Additionally, if a patient using an experimental drug has adverse side effects, he will further deplete his savings paying for care. Most RTT laws exempt insurance companies from paying for medical problems that arise while on an experimental drug. Public hospitals who cannot turn away those without insurance coverage may lead to a drain on the taxpayer. Because these laws protect both the drug company and the prescribing doctor from liability, the monetary and physical costs of any severe side effects will be borne by the patient alone.

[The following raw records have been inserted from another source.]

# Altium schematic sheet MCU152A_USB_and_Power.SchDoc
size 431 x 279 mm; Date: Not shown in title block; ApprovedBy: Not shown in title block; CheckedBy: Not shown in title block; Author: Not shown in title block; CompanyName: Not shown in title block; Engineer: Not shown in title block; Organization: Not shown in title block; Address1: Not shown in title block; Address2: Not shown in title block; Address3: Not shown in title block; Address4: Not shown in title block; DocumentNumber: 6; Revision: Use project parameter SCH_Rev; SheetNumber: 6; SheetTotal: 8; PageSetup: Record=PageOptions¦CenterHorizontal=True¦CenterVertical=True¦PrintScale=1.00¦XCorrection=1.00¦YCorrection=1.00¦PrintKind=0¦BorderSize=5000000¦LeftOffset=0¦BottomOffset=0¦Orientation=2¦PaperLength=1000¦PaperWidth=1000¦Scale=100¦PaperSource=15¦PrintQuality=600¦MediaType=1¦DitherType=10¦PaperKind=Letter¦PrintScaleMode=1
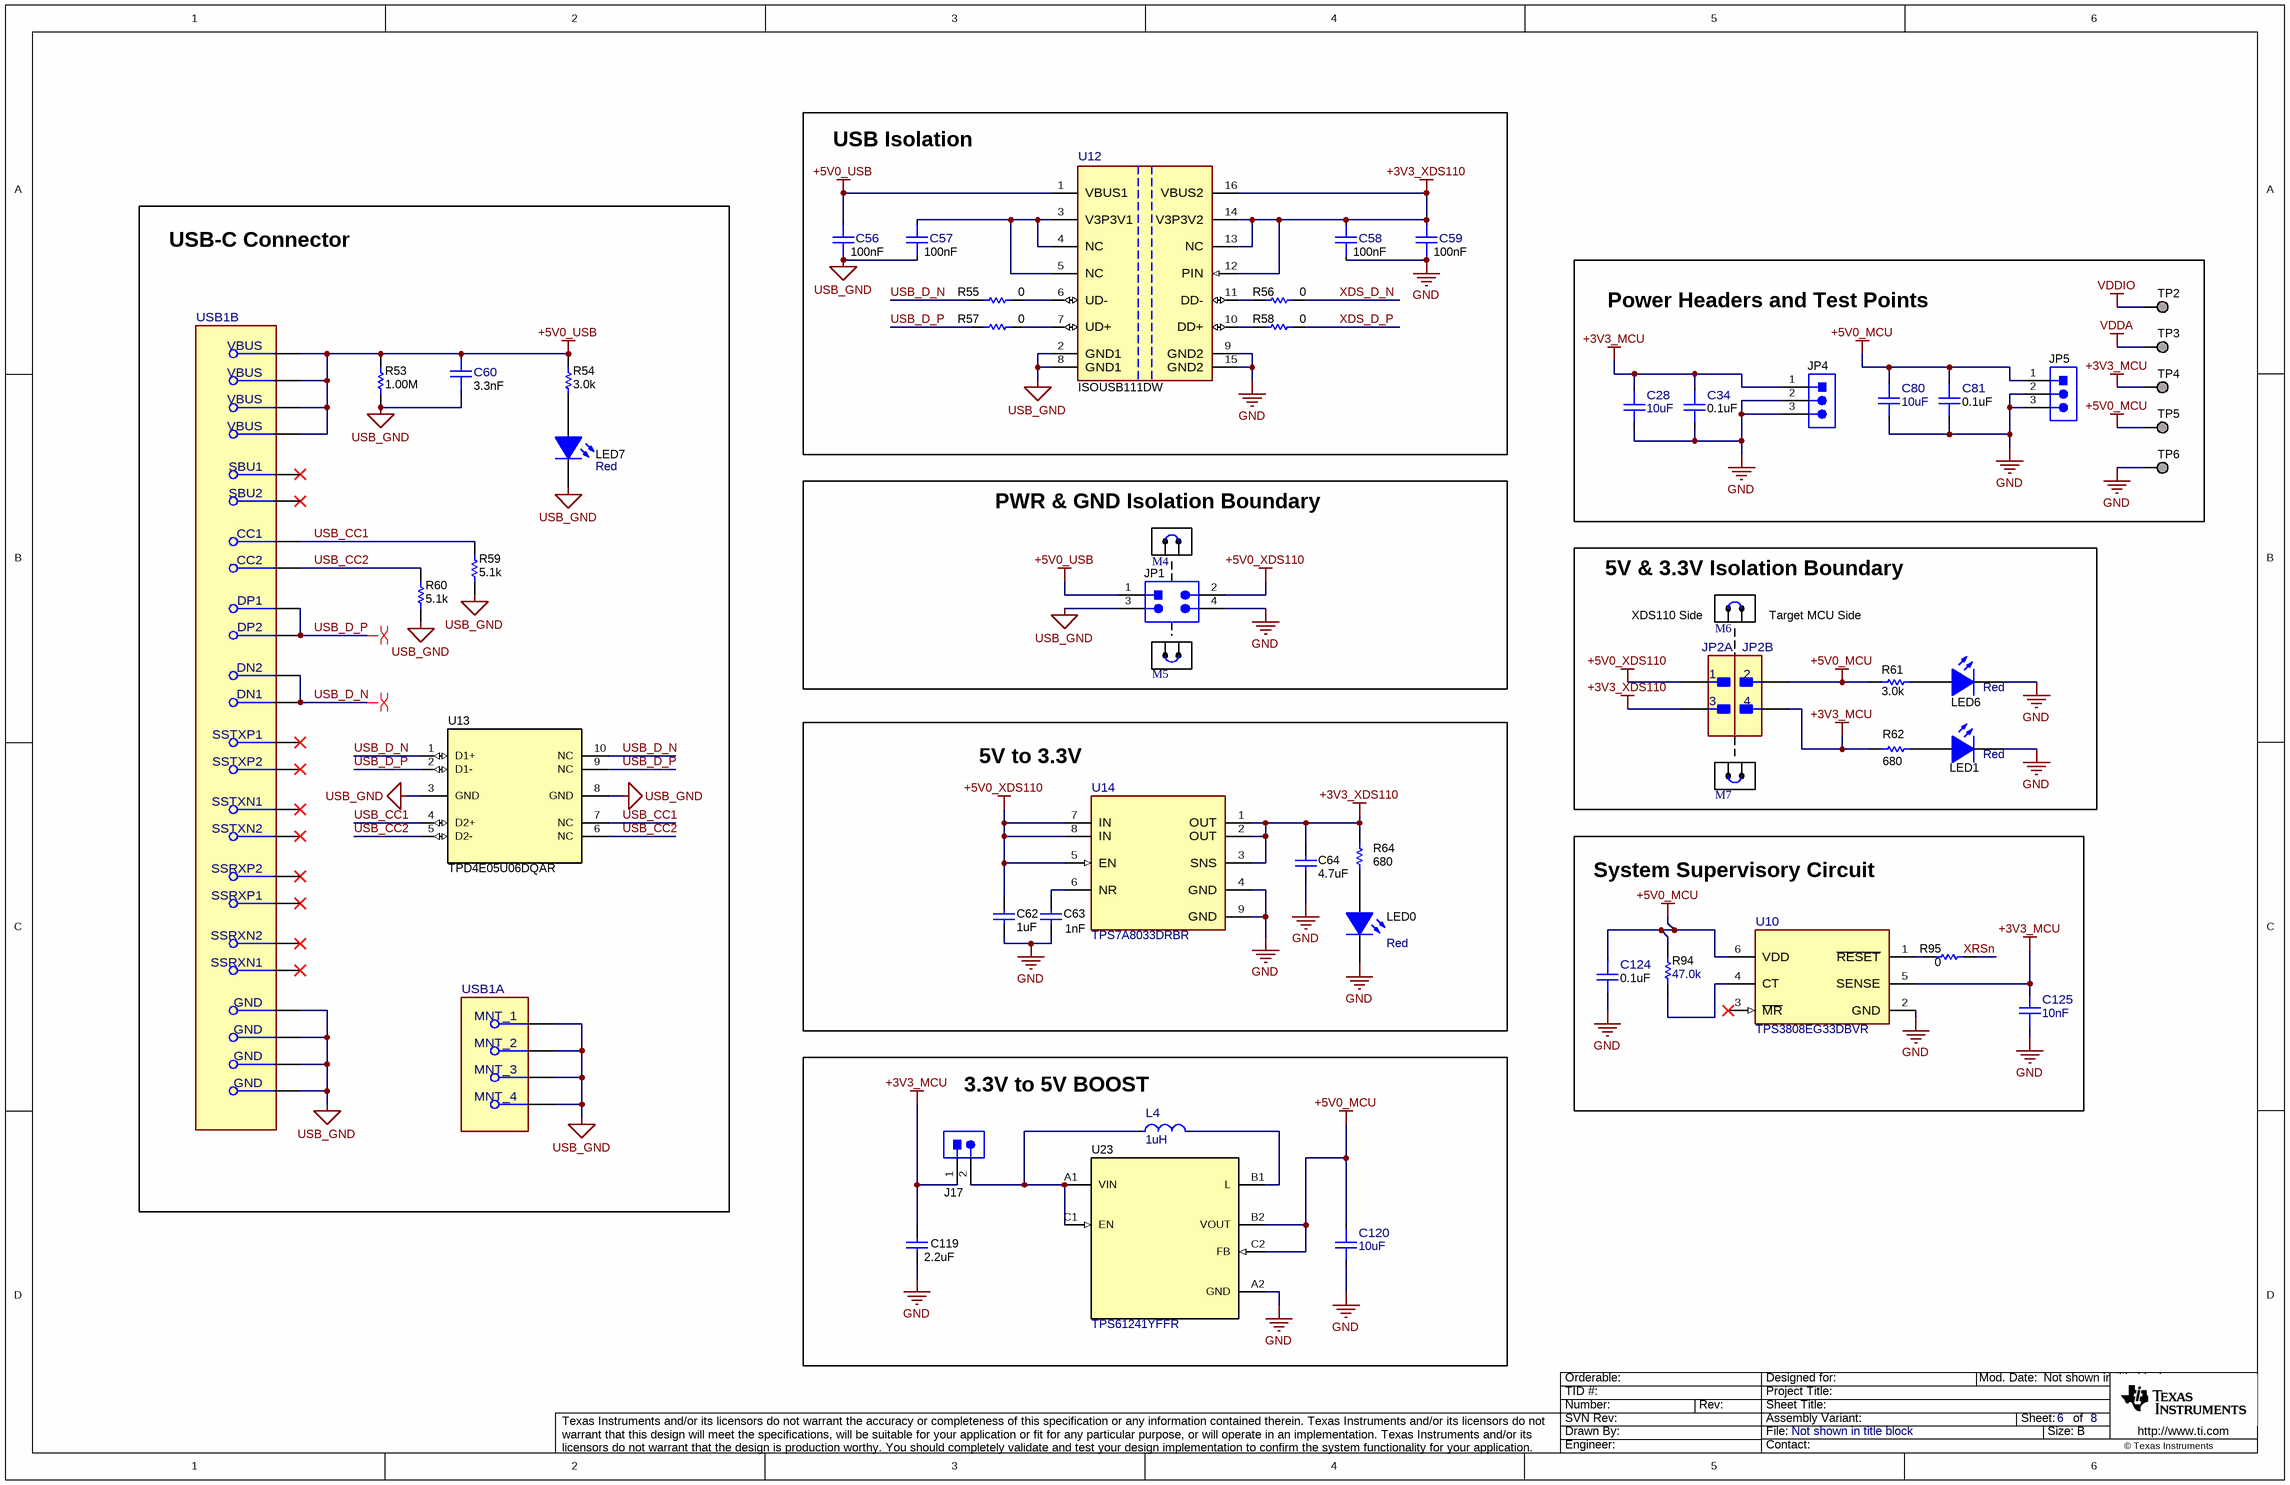
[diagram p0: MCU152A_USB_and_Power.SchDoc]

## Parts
C28  ValueDisplayed: 10uF  [FP-885012106031_0603-MFG]  (hidden comment: 885012106031)
C34  ValueDisplayed: 0.1uF  [FP-885012205018_0402-MFG]  (hidden comment: 885012205018)
C56  Cap_F: 100nF  [FP-885012205018_0402-MFG]  (hidden comment: 885012205018)
C57  Cap_F: 100nF  [FP-885012205018_0402-MFG]  (hidden comment: 885012205018)
C58  Cap_F: 100nF  [FP-885012205018_0402-MFG]  (hidden comment: 885012205018)
C59  Cap_F: 100nF  [FP-885012205018_0402-MFG]  (hidden comment: 885012205018)
C60  ValueDisplayed: 3.3nF  [FP-885012205064_0402-MFG]  (hidden comment: 885012205064)
C62  ValueDisplayed: 1uF  [0402]  (hidden comment: 885012105012)
C63  Cap_F: 1nF  [0402]  (hidden comment: 885012205061)
C64  ValueDisplayed: 4.7uF  [0402_065]  (hidden comment: C1005X5R1A475K050BC)
C80  ValueDisplayed: 10uF  [FP-885012106031_0603-MFG]  (hidden comment: 885012106031)
C81  ValueDisplayed: 0.1uF  [FP-885012205018_0402-MFG]  (hidden comment: 885012205018)
C119  ValueDisplayed: 2.2uF  [0603]  (hidden comment: 885012106018)
C120  ValueDisplayed: 10uF  [FP-885012106031_0603-MFG]  (hidden comment: 885012106031)
C124  ValueDisplayed: 0.1uF  [FP-885012205018_0402-MFG]  (hidden comment: 885012205018)
C125  Cap_F: 10nF  [FP-885012206040_0603-MFG]  (hidden comment: 885012206040)
J17  61300211121  [WURTH_61300211121]  (value not drawn)
JP1  TSM-102-01-L-DV  [Samtec_TSM-102-01-x-DV]  (value not drawn)
JP2  61300421121  [FP-61300421121_HDR4-MFG]  (value not drawn)  (parts A,B of 2)
JP4  61300311121  [WURTH_61300311121]  (value not drawn)
JP5  61300311121  [WURTH_61300311121]  (value not drawn)
L4  value 1uH  [FP-74479773210_0805-MFG]  (hidden comment: 74479773210)
LED0  value Red  [WL-SMCW_RED_0805]  (hidden comment: 150080SS75000)
LED1  value Red  [WL-SMCW_RED_0805]  (hidden comment: 150080SS75000)
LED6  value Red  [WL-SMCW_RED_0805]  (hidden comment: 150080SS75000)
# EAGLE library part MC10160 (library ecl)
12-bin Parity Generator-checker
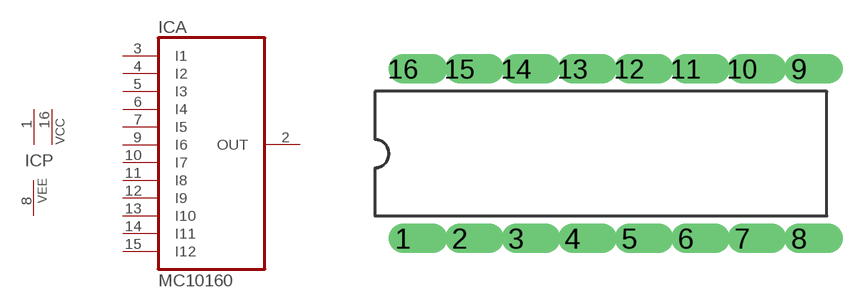
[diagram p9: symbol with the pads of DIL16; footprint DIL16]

Designator prefix IC; gates A=MC10160 P=2VCC1VEE

## MC10160  [DIL16]
1  P:VCC  pwr
2  A:OUT  out
3  A:I1  in
4  A:I2  in
5  A:I3  in
6  A:I4  in
7  A:I5  in
8  P:VEE  pwr
9  A:I6  in
10  A:I7  in
11  A:I8  in
12  A:I9  in
13  A:I10  in
14  A:I11  in
15  A:I12  in
16  P:VCC  pwr

## Footprint DIL16 (pad centres in mm)
drill 0.813 offset: 1 -8.89,-3.81; 2 -6.35,-3.81; 3 -3.81,-3.81; 4 -1.27,-3.81; 5 1.27,-3.81; 6 3.81,-3.81; 7 6.35,-3.81; 8 8.89,-3.81; 9 8.89,3.81; 10 6.35,3.81; 11 3.81,3.81; 12 1.27,3.81; 13 -1.27,3.81; 14 -3.81,3.81; 15 -6.35,3.81; 16 -8.89,3.81
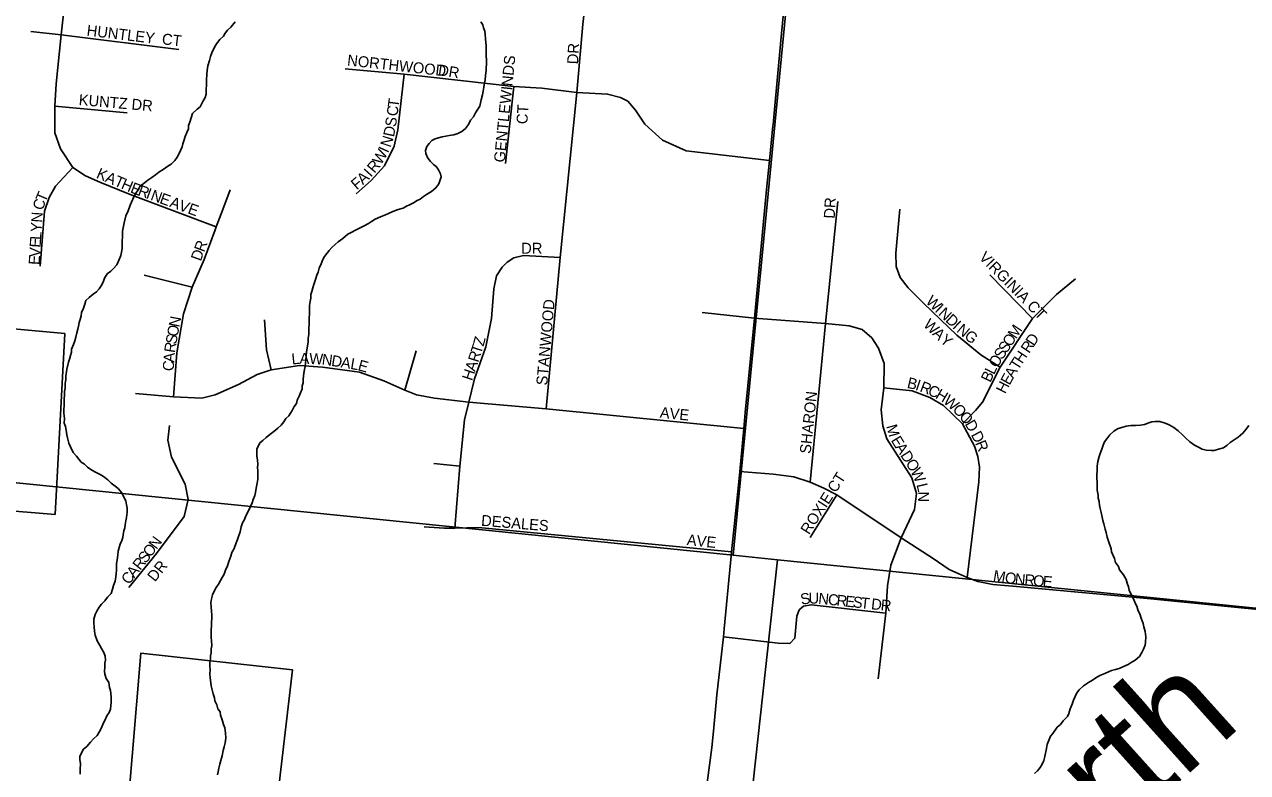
# Model space of a CAD drawing. Extents: x 0 to 1064, y 0 to 440.
# Drawn here: x 235.6 to 252.5, y 251.21 to 261.54 of the extents above; entities that cross this region are included whole.
import ezdxf

# ---------------------------------------------------------------- set-up
doc = ezdxf.new("R2010")
doc.units = 0
for name, color, linetype in [('GM_X_City_Street', 7, 'Continuous'), ('GM_X_City_Street_Text', 7, 'Continuous'), ('GM_X_Corporation', 7, 'Continuous'), ('GM_X_Minor_River', 7, 'Continuous'), ('GM_X_Minor_River_Text', 7, 'Continuous'), ('GM_X_Section', 7, 'Continuous'), ('GM_X_State_Route', 7, 'Continuous')]:
    doc.layers.add(name, color=color, linetype=linetype)

msp = doc.modelspace()

# ---------------------------------------------------------------- linework, layer by layer
at = {"layer": 'GM_X_City_Street'}
for points in [[(238.235, 258.707), (238.25, 258.748), (237.06, 259.196), (236.641, 259.365), (236.441, 259.452), (236.269, 259.569), (236.095, 259.825), (236.019, 260.045), (236.019, 260.414), (236.039, 260.725), (236.108, 261.4), (236.204, 262.278), (236.297, 263.152), (236.367, 264.019), (236.44, 264.965)], [(242.808, 256.231), (243.002, 258.326), (243.231, 260.605), (243.316, 261.548), (243.392, 262.217)], [(235.689, 261.448), (236.108, 261.4), (237.731, 261.2)], [(240.029, 260.931), (240.846, 260.859), (242.363, 260.688), (242.747, 260.662), (243.231, 260.605), (243.656, 260.583), (243.834, 260.536), (243.934, 260.484), (244.042, 260.358), (244.171, 260.165), (244.416, 259.943), (244.743, 259.798), (245.894, 259.666)], [(240.181, 259.202), (240.39, 259.387), (240.572, 259.589), (240.708, 259.863), (240.757, 260.086), (240.846, 260.859)], [(242.244, 259.623), (242.363, 260.688)], [(236.019, 260.414), (237.018, 260.325)], [(235.817, 258.206), (235.878, 258.963), (235.939, 259.152), (236.03, 259.309), (236.269, 259.569)], [(238.25, 258.748), (238.341, 258.987), (238.443, 259.259)], [(246.456, 255.22), (246.666, 257.413), (246.839, 259.097)], [(249.081, 256.809), (248.814, 256.979), (248.48, 257.251), (248.027, 257.686), (247.808, 257.907), (247.699, 258.046), (247.645, 258.2), (247.639, 258.383), (247.694, 258.99)], [(237.66, 256.398), (237.703, 257.006), (237.798, 257.545), (237.916, 257.914), (238.081, 258.296), (238.235, 258.707)], [(241.547, 254.586), (241.616, 255.442), (241.681, 256.081), (241.74, 256.326), (241.816, 256.649), (241.974, 257.088), (242.054, 257.482), (242.085, 257.89), (242.122, 258.072), (242.198, 258.191), (242.27, 258.261), (242.359, 258.321), (242.493, 258.35), (243.002, 258.326)], [(237.252, 258.08), (237.916, 257.914)], [(249.526, 257.48), (248.936, 258.085)], [(248.558, 256.027), (248.74, 256.209), (248.838, 256.326), (249.081, 256.809), (249.526, 257.48), (249.858, 257.814), (250.122, 258.027)], [(245.74, 257.482), (245.686, 257.486), (244.961, 257.563)], [(239.01, 256.771), (238.945, 257.049), (238.915, 257.464)], [(247.394, 252.503), (247.499, 253.409), (247.526, 253.785), (247.571, 254.074), (247.712, 254.449), (247.898, 254.844), (247.923, 255.064), (247.862, 255.278), (247.513, 255.82), (247.461, 256), (247.436, 256.22), (247.473, 256.524), (247.479, 256.86), (247.398, 257.069), (247.309, 257.213), (247.172, 257.329), (246.992, 257.38), (246.666, 257.413), (245.74, 257.482)], [(240.855, 256.491), (241.011, 257.036)], [(237.66, 256.398), (238.05, 256.38), (238.234, 256.425), (238.559, 256.571), (238.813, 256.706), (239.01, 256.771), (239.399, 256.832), (239.719, 256.81), (240.227, 256.739), (240.566, 256.622), (240.855, 256.491), (241.015, 256.428), (241.264, 256.381), (241.74, 256.326), (242.808, 256.231), (245.537, 255.959)], [(237.133, 256.446), (237.66, 256.398)], [(248.625, 253.903), (248.785, 255.223), (248.794, 255.429), (248.77, 255.575), (248.728, 255.716), (248.558, 256.027), (248.298, 256.278), (248.111, 256.391), (247.864, 256.48), (247.473, 256.524)], [(237.043, 253.765), (237.426, 254.234), (237.804, 254.743), (237.86, 254.981), (237.821, 255.194), (237.63, 255.564), (237.582, 255.798), (237.604, 256.002)], [(241.256, 255.477), (241.616, 255.442)], [(245.484, 255.365), (245.944, 255.328), (246.228, 255.291), (246.456, 255.22), (246.643, 255.137), (246.825, 255.046), (247.712, 254.449), (248.155, 254.163), (248.374, 254.011), (248.625, 253.903), (248.773, 253.849), (248.981, 253.805), (249.198, 253.786)], [(246.455, 254.455), (246.825, 255.046)], [(241.122, 254.601), (241.398, 254.584), (241.547, 254.586), (241.873, 254.595), (245.369, 254.259)], [(249.198, 253.786), (249.256, 253.781), (251.164, 253.606), (252.923, 253.434), (254.033, 253.283), (257.105, 252.989), (258.422, 252.857), (259.76, 252.73)], [(245.256, 253.082), (246.011, 252.993), (246.176, 252.99), (246.244, 253.064), (246.27, 253.37), (246.302, 253.455), (246.365, 253.507), (246.467, 253.525), (247.499, 253.409)]]:
    msp.add_lwpolyline(points, dxfattribs=at)
at = {"layer": 'GM_X_Corporation'}
msp.add_lwpolyline([(229.017, 255.354), (236.023, 254.775), (236.156, 257.273), (234.842, 257.395)], dxfattribs=at)
msp.add_lwpolyline([(236.902, 249.23), (239.076, 248.99), (239.161, 249.674), (238.956, 249.674), (239.304, 252.625), (237.209, 252.859)], close=True, dxfattribs=at)
at = {"layer": 'GM_X_Minor_River'}
for points in [[(236.222, 256.918), (236.236, 256.972), (236.249, 257.014), (236.251, 257.057), (236.277, 257.123), (236.297, 257.171), (236.311, 257.225), (236.325, 257.285), (236.339, 257.333), (236.346, 257.376), (236.354, 257.424), (236.368, 257.466), (236.382, 257.52), (236.389, 257.563), (236.415, 257.623), (236.435, 257.677), (236.449, 257.731), (236.493, 257.772), (236.55, 257.819), (236.593, 257.848), (236.631, 257.889), (236.657, 257.931), (236.689, 257.984), (236.703, 258.039), (236.742, 258.098), (236.791, 258.133), (236.829, 258.174), (236.874, 258.222), (236.906, 258.294), (236.933, 258.353), (236.94, 258.396), (236.948, 258.45), (236.95, 258.499), (236.951, 258.547), (236.954, 258.62), (236.956, 258.687), (236.963, 258.735), (236.978, 258.801), (236.999, 258.898), (237.032, 258.97), (237.059, 259.048), (237.098, 259.132), (237.131, 259.197), (237.169, 259.257), (237.195, 259.305), (237.258, 259.357), (237.302, 259.393), (237.358, 259.427), (237.408, 259.468), (237.458, 259.503), (237.514, 259.538), (237.582, 259.584), (237.626, 259.613), (237.676, 259.666), (237.708, 259.708), (237.734, 259.75), (237.754, 259.804), (237.78, 259.851), (237.787, 259.894), (237.801, 259.936), (237.821, 259.996), (237.841, 260.05), (237.867, 260.104), (237.868, 260.146), (237.882, 260.194), (237.902, 260.254), (237.923, 260.315), (237.986, 260.373), (238.029, 260.408), (238.062, 260.48), (238.094, 260.534), (238.108, 260.582), (238.11, 260.631), (238.113, 260.722), (238.115, 260.776), (238.117, 260.855), (238.125, 260.909), (238.133, 260.97), (238.154, 261.048), (238.168, 261.102), (238.188, 261.15), (238.227, 261.228), (238.253, 261.276), (238.297, 261.335), (238.348, 261.382), (238.373, 261.424), (238.405, 261.465), (238.449, 261.507), (238.512, 261.578)], [(241.806, 260.267), (241.832, 260.321), (241.864, 260.375), (241.89, 260.417), (241.911, 260.501), (241.926, 260.573), (241.939, 260.621), (241.947, 260.676), (241.955, 260.736), (241.963, 260.779), (241.971, 260.839), (241.979, 260.906), (241.981, 260.948), (241.982, 260.991), (241.984, 261.051), (241.98, 261.112), (241.981, 261.155), (241.977, 261.209), (241.978, 261.252), (241.974, 261.294), (241.969, 261.343), (241.965, 261.41), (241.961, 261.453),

Finally, there is the danger of the birth of a new snake oil market. Before the FDA regulated drugs for safety and efficacy, salesmen took advantage of customers to sell all sorts of tonics. We see similar problems in the practically unregulated supplement market today. The RTT laws hold the potential to underlie a new industry of drug candidates that have gone through Phase 1 to gain a sheen of FDA credence but that hold little chance of final approval.

More Reasonable Approach?

The access to drug candidates that have completed no more than a Phase 1 clinical trial is the worst form of false hope that threatens to cost those most vulnerable everything. In a nod to autonomy and the power of hope, perhaps a more reasonable approach would be to allow patients the right to try drug candidates that have entered into Phase 3 clinical trials. While many of the problems with cost, insurance and liability would remain, perhaps the most toxic and least effective drug candidates may have been screened from the pool of drug candidates.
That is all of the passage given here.